Soil can also be classified by its pH level, such as acid, alkaline, or neutral. My instructor recommended getting garden soil tested to determine its pH. You can try testing yourself using a commercial device or work with your agricultural extension office or similar resource, which should provide testing services.

Most plants thrive at neutral levels although some, like blueberries, benefit from lower or higher levels. After you have received test results, make adjustments to the soil pH depending on the types of vegetables you hope to grow. If you need help with this step, visit a full-service garden center or enlist help of your local agricultural extension agent. (Note that I skipped this test because my soil looked good to me.)


Plants need lots of sun. The energy from sunlight is converted into chemical energy that fuels growth in a process called photosynthesis. My instructor advised that most vegetables need at least eight hours of sun every day.

Based on my experience, the spots on my deck and porch that get about four hours of sun daily do not support vegetable life. However, some folks are able to grow certain vegetables, such as lettuce and beans, with three to six hours of sun per day.

There are just a few places in my yard that get enough sun on a regular basis. I chose a sunny location with great soil to plant my garden.

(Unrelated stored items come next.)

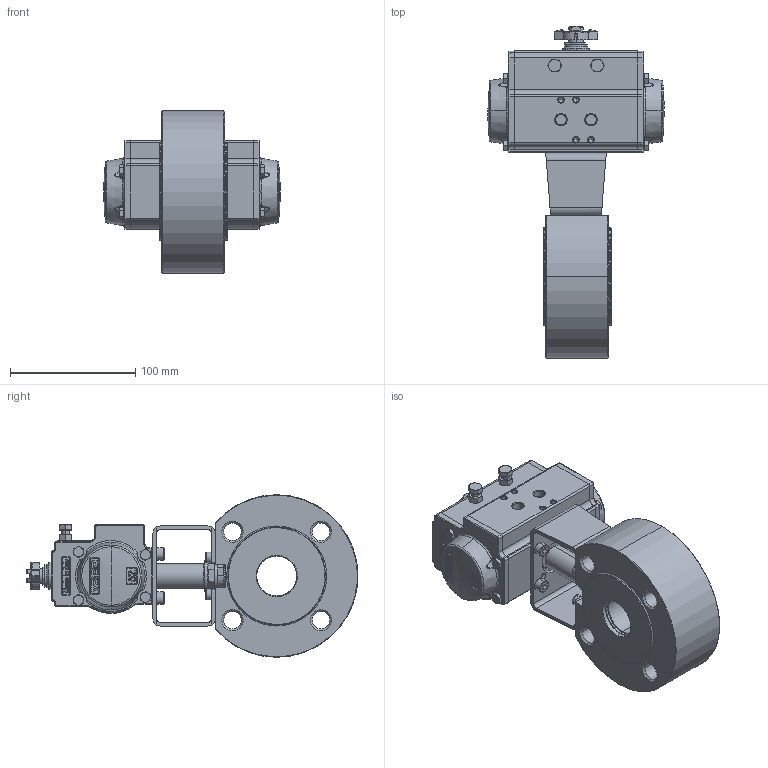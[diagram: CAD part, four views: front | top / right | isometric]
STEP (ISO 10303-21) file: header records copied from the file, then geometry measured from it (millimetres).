
FILE_DESCRIPTION (( 'STEP AP214' ), '1' );
FILE_NAME ('8P00350007.STEP', '2017-05-15T14:18:08', ( 'Negroni' ), ( 'Hewlett-Packard Company' ), 'SwSTEP 2.0', 'SolidWorks 2015', '' );
FILE_SCHEMA (( 'AUTOMOTIVE_DESIGN' ));
Length unit declared in the file: millimetre
Products named in the file (1): 8P00350007
Bounding box: 141.02 x 265.5 x 130 mm (x, y, z)
Volume: 1195659 mm3; surface area: 130607 mm2
Topology: 1 solids, 1 shells, 1931 faces, 5111 edges, 3218 vertices
Faces by surface type: plane 767, bspline 568, cylinder 314, cone 280, sphere 2
Entity records: 114985 total; most frequent: CARTESIAN_POINT 63612, ORIENTED_EDGE 10084, DIRECTION 5552, EDGE_CURVE 5042, VERTEX_POINT 3218, B_SPLINE_CURVE_WITH_KNOTS 2492, EDGE_LOOP 2074, FACE_OUTER_BOUND 1931

Plants need water, which is useful for gathering nutrients from the ground. Most importantly, I learned that seeds need moisture to germinate. So even if you ignore your garden for most of the season, make sure there is water or moisture immediately after you plant the seeds.

We had an unusual amount of rain in our area this summer, so I watered my plants just once during the season. My garden got about an inch of rainwater each week, generally enough to grow vegetables. To determine how much water your vegetables need, check a gardening resource. (See also: Landscaping for Your Climate)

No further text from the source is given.